En 1925, l’entrepreneur Clarence Birdseye, originaire de Brooklyn, a inventé une machine pour congeler le poisson emballé qui allait révolutionner le stockage et la préparation des aliments. La société Maxson Food Systems de Long Island a utilisé la technologie de Birdseye, le congélateur à double bande, pour vendre les premiers dîners complets surgelés aux compagnies aériennes en 1945, mais les plans visant à proposer ces repas dans les supermarchés ont été annulés après la mort du fondateur de la société, William L. Maxson. En fin de compte, c’est la société Swanson qui a transformé la façon dont les Américains mangeaient le dîner (et le déjeuner) – et tout cela est arrivé, selon l’histoire, à cause de la dinde de Thanksgiving.
Selon le récit le plus largement accepté, un vendeur de Swanson nommé Gerry Thomas a conçu les dîners congelés de la société à la fin de 1953 lorsqu’il a vu que la société avait 260 tonnes de dinde congelée restante après Thanksgiving, assis dans dix wagons de chemin de fer réfrigérés. (La réfrigération du train ne fonctionnait que lorsque les wagons étaient en mouvement, Swanson a donc fait faire des allers-retours entre son siège du Nebraska et la côte Est « jusqu’à ce que les cadres paniqués sachent quoi faire », selon Adweek). Thomas a eu l’idée d’ajouter d’autres aliments de base pour les fêtes, comme la farce au pain de maïs et les patates douces, et de les servir à côté de la volaille dans des plateaux en aluminium congelés et cloisonnés, conçus pour être réchauffés au four. Betty Cronin, la bactériologiste de Swanson, a contribué au succès de ces repas grâce à ses recherches sur la façon de chauffer la viande et les légumes en même temps tout en tuant les germes alimentaires.
La société Swanson a offert différents comptes rendus de cette histoire. Cronin a déclaré que Gilbert et Clarke Swanson, les fils du fondateur de la société, Carl Swanson, ont eu l’idée du repas surgelé sur plateau, et les héritiers de Clarke Swanson, à leur tour, ont contesté l’affirmation de Thomas selon laquelle il l’aurait inventé. Quelle que soit l’étincelle, cette nouvelle commodité américaine a été un triomphe commercial. En 1954, la première année complète de production, Swanson a vendu dix millions de plateaux. Banquet Foods et Morton Frozen Foods ne tardèrent pas à lancer leurs propres offres, séduisant de plus en plus de ménages de la classe moyenne dans tout le pays.
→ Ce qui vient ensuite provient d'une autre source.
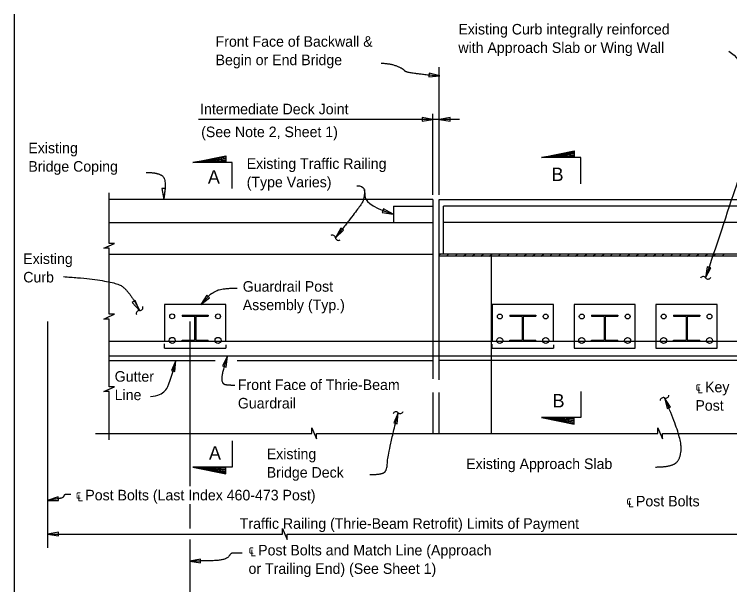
# Model space of a CAD drawing. Extents: x 21587 to 21656.3, y 56117.4 to 56157.3.
# Drawn here: x 21605.5 to 21619.15, y 56142.37 to 56153.26 of the extents above; entities that cross this region are included whole.
import ezdxf

# ---------------------------------------------------------------- set-up
doc = ezdxf.new("R2010")
doc.units = 0
for name, color, linetype in [('AdhocPoint_dp', 7, 'Continuous'), ('Border', 7, 'Continuous'), ('Patterning', 7, 'Continuous'), ('PlotBorder_dp', 7, 'Continuous'), ('SheetBorder_dp', 7, 'Continuous'), ('TextMisc', 7, 'Continuous')]:
    doc.layers.add(name, color=color, linetype=linetype)

msp = doc.modelspace()

# ---------------------------------------------------------------- linework, layer by layer
at = {"layer": 'AdhocPoint_dp'}
for p, q in [((21613.488, 56149.72), (21607.312, 56149.72)), ((21613.488, 56149.722), (21613.488, 56146.297)), ((21613.608, 56149.72), (21620.85, 56149.72)), ((21613.608, 56146.279), (21613.608, 56149.72)), ((21612.738, 56149.595), (21613.488, 56149.595)), ((21620.85, 56149.595), (21613.691, 56149.595)), ((21613.691, 56148.678), (21613.691, 56149.595)), ((21607.312, 56149.282), (21613.488, 56149.282)), ((21620.85, 56149.282), (21613.691, 56149.282)), ((21607.312, 56148.678), (21613.488, 56148.678)), ((21620.85, 56148.678), (21613.608, 56148.678)), ((21620.85, 56148.636), (21613.608, 56148.636)), ((21614.608, 56145.254), (21614.608, 56148.636)), ((21607.312, 56146.648), (21609.336, 56146.648)), ((21609.752, 56146.648), (21613.488, 56146.648)), ((21624.755, 56146.648), (21613.608, 56146.648)), ((21613.488, 56146.033), (21613.488, 56145.254)), ((21613.608, 56145.254), (21613.608, 56146.033))]:
    msp.add_line(p, q, dxfattribs=at)
msp.add_lwpolyline([(21612.738, 56149.595), (21612.738, 56149.282)], dxfattribs=at)
at = {"layer": 'Border'}
for p, q in [((21608.702, 56147.514), (21609.202, 56147.514)), ((21608.702, 56147.514), (21608.702, 56147.493)), ((21608.702, 56147.493), (21608.931, 56147.493)), ((21608.941, 56147.483), (21608.941, 56147.035)), ((21608.962, 56147.483), (21608.962, 56147.035)), ((21608.973, 56147.493), (21609.202, 56147.493)), ((21609.202, 56147.514), (21609.202, 56147.493)), ((21614.952, 56147.512), (21615.452, 56147.512)), ((21614.952, 56147.512), (21614.952, 56147.491)), ((21614.952, 56147.491), (21615.181, 56147.491)), ((21615.191, 56147.481), (21615.191, 56147.033)), ((21615.212, 56147.481), (21615.212, 56147.033)), ((21615.223, 56147.491), (21615.452, 56147.491)), ((21615.452, 56147.512), (21615.452, 56147.491)), ((21607.312, 56147.012), (21619.379, 56147.012)), ((21608.702, 56147.035), (21608.941, 56147.035)), ((21608.702, 56147.014), (21608.702, 56147.035)), ((21608.702, 56147.014), (21609.202, 56147.014)), ((21608.962, 56147.035), (21609.202, 56147.035)), ((21609.202, 56147.014), (21609.202, 56147.035)), ((21614.952, 56147.033), (21615.191, 56147.033)), ((21614.952, 56147.012), (21614.952, 56147.033)), ((21614.952, 56147.012), (21615.452, 56147.012)), ((21615.212, 56147.033), (21615.452, 56147.033)), ((21615.452, 56147.012), (21615.452, 56147.033)), ((21607.312, 56146.732), (21619.379, 56146.732))]:
    msp.add_line(p, q, dxfattribs=at)
for points in [[(21609.535, 56147.012), (21609.535, 56147.717), (21608.368, 56147.717), (21608.368, 56147.012)], [(21615.785, 56147.012), (21615.785, 56147.715), (21614.618, 56147.715), (21614.618, 56147.012)], [(21608.368, 56146.884), (21608.368, 56146.962)], [(21609.535, 56146.946), (21609.535, 56146.884)], [(21614.618, 56146.882), (21614.618, 56146.959)], [(21615.785, 56146.943), (21615.785, 56146.882)]]:
    msp.add_lwpolyline(points, dxfattribs=at)
for centre, radius in [((21608.514, 56147.488), 0.0469), ((21609.389, 56147.488), 0.0469), ((21614.764, 56147.486), 0.0469), ((21615.639, 56147.486), 0.0469), ((21608.514, 56147.03), 0.0573), ((21609.389, 56147.03), 0.0573), ((21614.764, 56147.028), 0.0573), ((21615.639, 56147.028), 0.0573)]:
    msp.add_circle(centre, radius, dxfattribs=at)
for centre, start, end in [((21608.931, 56147.483), 0, 90), ((21608.973, 56147.483), 90, 180), ((21615.181, 56147.481), 0, 90), ((21615.223, 56147.481), 90, 180)]:
    msp.add_arc(centre, 0.0104, start, end, dxfattribs=at)
at = {"layer": 'Patterning'}
for p, q in [((21616.514, 56147.512), (21617.014, 56147.512)), ((21616.514, 56147.512), (21616.514, 56147.491)), ((21616.514, 56147.491), (21616.743, 56147.491)), ((21616.754, 56147.481), (21616.754, 56147.033)), ((21616.775, 56147.481), (21616.775, 56147.033)), ((21616.785, 56147.491), (21617.014, 56147.491)), ((21617.014, 56147.512), (21617.014, 56147.491)), ((21618.077, 56147.512), (21618.577, 56147.512)), ((21618.077, 56147.512), (21618.077, 56147.491)), ((21618.077, 56147.491), (21618.306, 56147.491)), ((21618.316, 56147.481), (21618.316, 56147.033)), ((21618.337, 56147.481), (21618.337, 56147.033)), ((21618.348, 56147.491), (21618.577, 56147.491)), ((21618.577, 56147.512), (21618.577, 56147.491)), ((21616.514, 56147.033), (21616.754, 56147.033)), ((21616.514, 56147.012), (21616.514, 56147.033)), ((21616.514, 56147.012), (21617.014, 56147.012)), ((21616.775, 56147.033), (21617.014, 56147.033)), ((21617.014, 56147.012), (21617.014, 56147.033)), ((21618.077, 56147.033), (21618.316, 56147.033)), ((21618.077, 56147.012), (21618.077, 56147.033)), ((21618.077, 56147.012), (21618.577, 56147.012)), ((21618.337, 56147.033), (21618.577, 56147.033)), ((21618.577, 56147.012), (21618.577, 56147.033))]:
    msp.add_line(p, q, dxfattribs=at)
for points in [[(21617.348, 56146.882), (21617.348, 56147.715), (21616.181, 56147.715), (21616.181, 56146.882)], [(21618.91, 56146.882), (21618.91, 56147.715), (21617.743, 56147.715), (21617.743, 56146.882)], [(21608.368, 56146.884), (21609.535, 56146.884)], [(21614.618, 56146.882), (21615.785, 56146.882)], [(21616.181, 56146.882), (21617.348, 56146.882)], [(21617.743, 56146.882), (21618.91, 56146.882)]]:
    msp.add_lwpolyline(points, dxfattribs=at)
for centre, radius in [((21616.327, 56147.486), 0.0469), ((21617.202, 56147.486), 0.0469), ((21617.889, 56147.486), 0.0469), ((21618.764, 56147.486), 0.0469), ((21616.327, 56147.028), 0.0573), ((21617.202, 56147.028), 0.0573), ((21617.889, 56147.028), 0.0573), ((21618.764, 56147.028), 0.0573)]:
    msp.add_circle(centre, radius, dxfattribs=at)
for centre, start, end in [((21616.743, 56147.481), 0, 90), ((21616.785, 56147.481), 90, 180), ((21618.306, 56147.481), 0, 90), ((21618.348, 56147.481), 90, 180)]:
    msp.add_arc(centre, 0.0104, start, end, dxfattribs=at)
at = {"layer": 'PlotBorder_dp'}
for p, q in [((21605.502, 56153.256), (21605.502, 56127.317)), ((21613.61, 56149.808), (21613.61, 56152.243)), ((21613.488, 56149.808), (21613.488, 56151.352)), ((21613.996, 56151.248), (21609.019, 56151.248)), ((21615.559, 56150.521), (21616.184, 56150.631)), ((21616.184, 56150.618), (21615.559, 56150.521)), ((21615.559, 56150.521), (21616.184, 56150.601)), ((21608.91, 56150.429), (21609.535, 56150.539)), ((21609.535, 56150.526), (21608.91, 56150.429)), ((21608.91, 56150.429), (21609.535, 56150.509)), ((21609.535, 56150.491), (21608.91, 56150.429)), ((21608.91, 56150.429), (21609.535, 56150.473)), ((21609.535, 56150.453), (21608.91, 56150.429)), ((21616.184, 56150.583), (21615.559, 56150.521)), ((21615.559, 56150.521), (21616.184, 56150.564)), ((21616.184, 56150.544), (21615.559, 56150.521)), ((21608.858, 56144.246), (21608.858, 56147.393)), ((21616.184, 56145.532), (21615.559, 56145.556)), ((21615.559, 56145.556), (21616.184, 56145.512)), ((21616.184, 56145.494), (21615.559, 56145.556)), ((21615.559, 56145.556), (21616.184, 56145.476)), ((21616.184, 56145.459), (21615.559, 56145.556)), ((21615.559, 56145.556), (21616.184, 56145.446)), ((21609.535, 56144.586), (21608.91, 56144.609)), ((21608.91, 56144.609), (21609.535, 56144.566)), ((21609.535, 56144.547), (21608.91, 56144.609)), ((21608.91, 56144.609), (21609.535, 56144.529)), ((21609.535, 56144.512), (21608.91, 56144.609)), ((21608.91, 56144.609), (21609.535, 56144.499)), ((21608.858, 56143.438), (21608.858, 56143.901)), ((21608.858, 56135.158), (21608.858, 56143.226))]:
    msp.add_line(p, q, dxfattribs=at)
for points in [[(21613.62, 56152.078), (21613.416, 56152.134), (21613.409, 56152.064)], [(21613.488, 56151.248), (21613.28, 56151.283), (21613.28, 56151.212)], [(21613.611, 56151.248), (21613.819, 56151.212), (21613.819, 56151.283)], [(21608.352, 56149.721), (21608.388, 56149.93), (21608.317, 56149.93)], [(21612.73, 56149.441), (21612.543, 56149.539), (21612.521, 56149.472)], [(21611.628, 56148.989), (21611.785, 56149.131), (21611.73, 56149.175)], [(21618.687, 56148.227), (21618.787, 56148.413), (21618.72, 56148.435)], [(21609.059, 56147.715), (21609.226, 56147.844), (21609.174, 56147.892)], [(21607.893, 56147.6), (21607.806, 56147.793), (21607.748, 56147.754)], [(21608.584, 56146.646), (21608.498, 56146.453), (21608.566, 56146.435)], [(21609.572, 56146.73), (21609.474, 56146.543), (21609.541, 56146.521)], [(21617.907, 56145.933), (21617.953, 56145.727), (21618.018, 56145.753)], [(21612.824, 56145.649), (21612.739, 56145.455), (21612.808, 56145.438)], [(21606.137, 56143.974), (21606.348, 56143.971), (21606.337, 56144.041)], [(21606.135, 56143.332), (21606.343, 56143.297), (21606.343, 56143.368)], [(21608.848, 56142.816), (21609.056, 56142.781), (21609.056, 56142.851)]]:
    msp.add_lwpolyline(points, close=True, dxfattribs=at)
for points in [[(21616.309, 56150.021), (21616.309, 56150.521), (21615.559, 56150.521), (21616.184, 56150.646), (21616.184, 56150.521)], [(21609.66, 56149.929), (21609.66, 56150.429), (21608.91, 56150.429), (21609.535, 56150.554), (21609.535, 56150.429)], [(21607.312, 56148.322), (21607.312, 56148.791), (21607.208, 56148.791), (21607.312, 56148.836), (21607.415, 56148.881), (21607.312, 56148.881), (21607.312, 56149.85)], [(21607.312, 56146.575), (21607.312, 56147.438), (21607.208, 56147.438), (21607.312, 56147.483), (21607.415, 56147.528), (21607.312, 56147.528), (21607.312, 56148.322)], [(21607.312, 56145.128), (21607.312, 56146.056), (21607.208, 56146.056), (21607.312, 56146.101), (21607.415, 56146.146), (21607.312, 56146.146), (21607.312, 56147.019)], [(21616.309, 56146.056), (21616.309, 56145.556), (21615.559, 56145.556), (21616.184, 56145.431), (21616.184, 56145.556)], [(21607.053, 56145.254), (21611.175, 56145.254), (21611.175, 56145.357), (21611.22, 56145.254), (21611.265, 56145.15), (21611.265, 56145.254), (21613.496, 56145.254)], [(21613.496, 56145.254), (21617.776, 56145.254), (21617.776, 56145.357), (21617.821, 56145.254), (21617.866, 56145.15), (21617.866, 56145.254), (21620.131, 56145.254)], [(21609.66, 56145.109), (21609.66, 56144.609), (21608.91, 56144.609), (21609.535, 56144.484), (21609.535, 56144.609)], [(21606.135, 56143.332), (21610.618, 56143.332), (21610.618, 56143.436), (21610.663, 56143.332), (21610.708, 56143.229), (21610.708, 56143.332), (21626.014, 56143.332)]]:
    msp.add_lwpolyline(points, dxfattribs=at)
for centre, start, end in [((21611.569, 56148.981), 8.6098, 120.3371), ((21611.687, 56148.999), 188.6098, 300.3371), ((21618.64, 56148.188), 36.1618, 147.8891), ((21618.736, 56148.259), 216.1618, 327.8891), ((21607.888, 56147.54), 85.5858, 197.313), ((21607.897, 56147.659), 265.5858, 17.313), ((21617.931, 56145.987), 246.3072, 358.0344), ((21617.883, 56145.878), 66.3072, 178.0344), ((21612.782, 56145.605), 47.1839, 158.9112), ((21612.863, 56145.692), 227.1839, 338.9112)]:
    msp.add_arc(centre, 0.0596, start, end, dxfattribs=at)
for points, degree in [([(21619.131, 56152.551), (21619.433, 56152.384), (21619.657, 56151.348), (21619.596, 56150.833), (21619.344, 56150.232), (21618.879, 56148.789), (21618.687, 56148.227)], 3), ([(21612.498, 56152.323), (21612.683, 56152.316), (21612.921, 56152.217), (21612.954, 56152.158), (21613.224, 56152.118), (21613.62, 56152.078)], 2), ([(21608.02, 56150.237), (21608.232, 56150.237), (21608.418, 56150.106), (21608.352, 56149.721)], 2), ([(21612.185, 56149.909), (21612.182, 56149.749), (21612.108, 56149.595), (21611.628, 56148.989)], 2), ([(21612.039, 56149.979), (21612.19, 56149.988), (21612.169, 56149.796), (21612.239, 56149.6), (21612.73, 56149.441)], 3), ([(21606.44, 56148.247), (21607.434, 56148.18), (21607.731, 56147.911), (21607.893, 56147.6)], 2), ([(21609.756, 56148.023), (21609.438, 56148.02), (21609.254, 56147.914), (21609.225, 56147.896), (21609.059, 56147.715)], 2), ([(21608.098, 56145.956), (21608.251, 56145.97), (21608.387, 56146.054), (21608.464, 56146.177), (21608.584, 56146.646)], 3), ([(21609.71, 56146.169), (21609.579, 56146.172), (21609.477, 56146.192), (21609.454, 56146.369), (21609.572, 56146.73)], 2), ([(21617.736, 56144.612), (21618.039, 56144.612), (21618.224, 56144.782), (21618.221, 56145.206), (21617.907, 56145.933)], 2), ([(21612.287, 56144.468), (21612.541, 56144.468), (21612.619, 56144.588), (21612.619, 56144.821), (21612.824, 56145.649)], 2), ([(21606.578, 56144.089), (21606.513, 56144.089), (21606.449, 56144.082), (21606.439, 56144.025), (21606.313, 56144.001), (21606.137, 56143.974)], 2), ([(21609.851, 56142.968), (21609.731, 56142.968), (21609.632, 56142.968), (21609.59, 56142.887), (21609.456, 56142.827), (21609.01, 56142.816), (21608.848, 56142.816)], 2)]:
    msp.add_open_spline(points, degree=degree, dxfattribs=at)
at = {"layer": 'TextMisc'}
for p, q in [((21613.608, 56148.663), (21613.623, 56148.678)), ((21613.745, 56148.636), (21613.787, 56148.678)), ((21613.91, 56148.636), (21613.951, 56148.678)), ((21614.074, 56148.636), (21614.116, 56148.678)), ((21614.238, 56148.636), (21614.28, 56148.678)), ((21614.403, 56148.636), (21614.444, 56148.678)), ((21614.567, 56148.636), (21614.609, 56148.678)), ((21614.731, 56148.636), (21614.773, 56148.678)), ((21614.896, 56148.636), (21614.937, 56148.678)), ((21615.06, 56148.636), (21615.102, 56148.678)), ((21615.224, 56148.636), (21615.266, 56148.678)), ((21615.389, 56148.636), (21615.43, 56148.678)), ((21615.553, 56148.636), (21615.595, 56148.678)), ((21615.717, 56148.636), (21615.759, 56148.678)), ((21615.882, 56148.636), (21615.923, 56148.678)), ((21616.046, 56148.636), (21616.088, 56148.678)), ((21616.21, 56148.636), (21616.252, 56148.678)), ((21616.374, 56148.636), (21616.416, 56148.678)), ((21616.539, 56148.636), (21616.581, 56148.678)), ((21616.703, 56148.636), (21616.745, 56148.678)), ((21616.867, 56148.636), (21616.909, 56148.678)), ((21617.032, 56148.636), (21617.074, 56148.678)), ((21617.196, 56148.636), (21617.238, 56148.678)), ((21617.36, 56148.636), (21617.402, 56148.678)), ((21617.525, 56148.636), (21617.566, 56148.678)), ((21617.689, 56148.636), (21617.731, 56148.678)), ((21617.853, 56148.636), (21617.895, 56148.678)), ((21618.018, 56148.636), (21618.059, 56148.678)), ((21618.182, 56148.636), (21618.224, 56148.678)), ((21618.346, 56148.636), (21618.388, 56148.678)), ((21618.511, 56148.636), (21618.552, 56148.678)), ((21618.675, 56148.636), (21618.717, 56148.678)), ((21618.839, 56148.636), (21618.881, 56148.678)), ((21619.004, 56148.636), (21619.045, 56148.678)), ((21606.135, 56147.393), (21606.135, 56143.07))]:
    msp.add_line(p, q, dxfattribs=at)

# ---------------------------------------------------------------- texts
at = {"layer": 'PlotBorder_dp'}
for s, p in [('Existing Curb integrally reinforced ', (21613.973, 56152.87)), ('Front Face of Backwall &', (21609.342, 56152.636)), ('with Approach Slab or Wing Wall ', (21613.973, 56152.518)), ('Begin or End Bridge', (21609.342, 56152.284)), ('Existing ', (21605.77, 56150.603)), ('Bridge Coping ', (21605.77, 56150.251)), ('Existing Traffic Railing', (21609.935, 56150.304)), ('(Type Varies)', (21609.935, 56149.952)), ('Existing ', (21605.673, 56148.488)), ('Curb', (21605.673, 56148.136)), ('Guardrail Post ', (21609.86, 56147.959)), ('Assembly (Typ.)', (21609.86, 56147.607)), ('Gutter ', (21607.417, 56146.241)), ('Front Face of Thrie-Beam ', (21609.767, 56146.082)), ('℄ Key ', (21618.495, 56146.039)), ('Line', (21607.417, 56145.889)), ('Guardrail', (21609.767, 56145.73)), ('Post', (21618.495, 56145.687)), ('Existing ', (21610.318, 56144.761)), ('Bridge Deck', (21610.318, 56144.409)), ('℄ Post Bolts and Match Line (Approach ', (21609.97, 56142.924)), ('or Trailing End) (See Sheet 1)', (21609.97, 56142.572))]:
    msp.add_text(s, height=0.2016, dxfattribs=at).set_placement(p)
at = {"layer": 'SheetBorder_dp'}
for s, height, p in [('Intermediate Deck Joint', 0.2016, (21609.046, 56151.346)), ('(See Note 2, Sheet 1)', 0.2016, (21609.067, 56150.91)), ('B', 0.256, (21615.751, 56150.072)), ('B', 0.256, (21615.77, 56145.75)), ('Existing Approach Slab', 0.2016, (21614.122, 56144.573)), ('℄ Post Bolts (Last Index 460-473 Post)', 0.2016, (21606.673, 56143.975)), ('℄ Post Bolts', 0.2016, (21617.177, 56143.86)), ('Traffic Railing (Thrie-Beam Retrofit) Limits of Payment', 0.2016, (21609.803, 56143.432))]:
    msp.add_text(s, height=height, dxfattribs=at).set_placement(p)
for p in [(21609.195, 56150.023), (21609.216, 56144.754)]:
    msp.add_text('A', height=0.256, rotation=360, dxfattribs=at).set_placement(p)

doc.saveas('drawing.dxf')

Alors que Maxson avait appelé ses repas congelés de compagnie aérienne « Strato-Plates », Swanson présenta à l’Amérique son « dîner télévisé » (Thomas prétend avoir inventé le nom) à une époque où le concept était assuré d’être lucratif : Alors que des millions de femmes blanches entraient dans la vie active au début des années 1950, maman n’était plus toujours à la maison pour préparer des repas élaborés – mais la question de savoir quoi manger pour le dîner avait désormais une réponse toute prête. Certains hommes ont écrit des lettres de colère à la société Swanson pour se plaindre de la perte des repas cuisinés à la maison. Pour de nombreuses familles, cependant, les dîners télévisés étaient parfaits. Mettez-les au four, et 25 minutes plus tard, vous pouviez avoir un dîner complet tout en profitant du nouveau passe-temps national : la télévision.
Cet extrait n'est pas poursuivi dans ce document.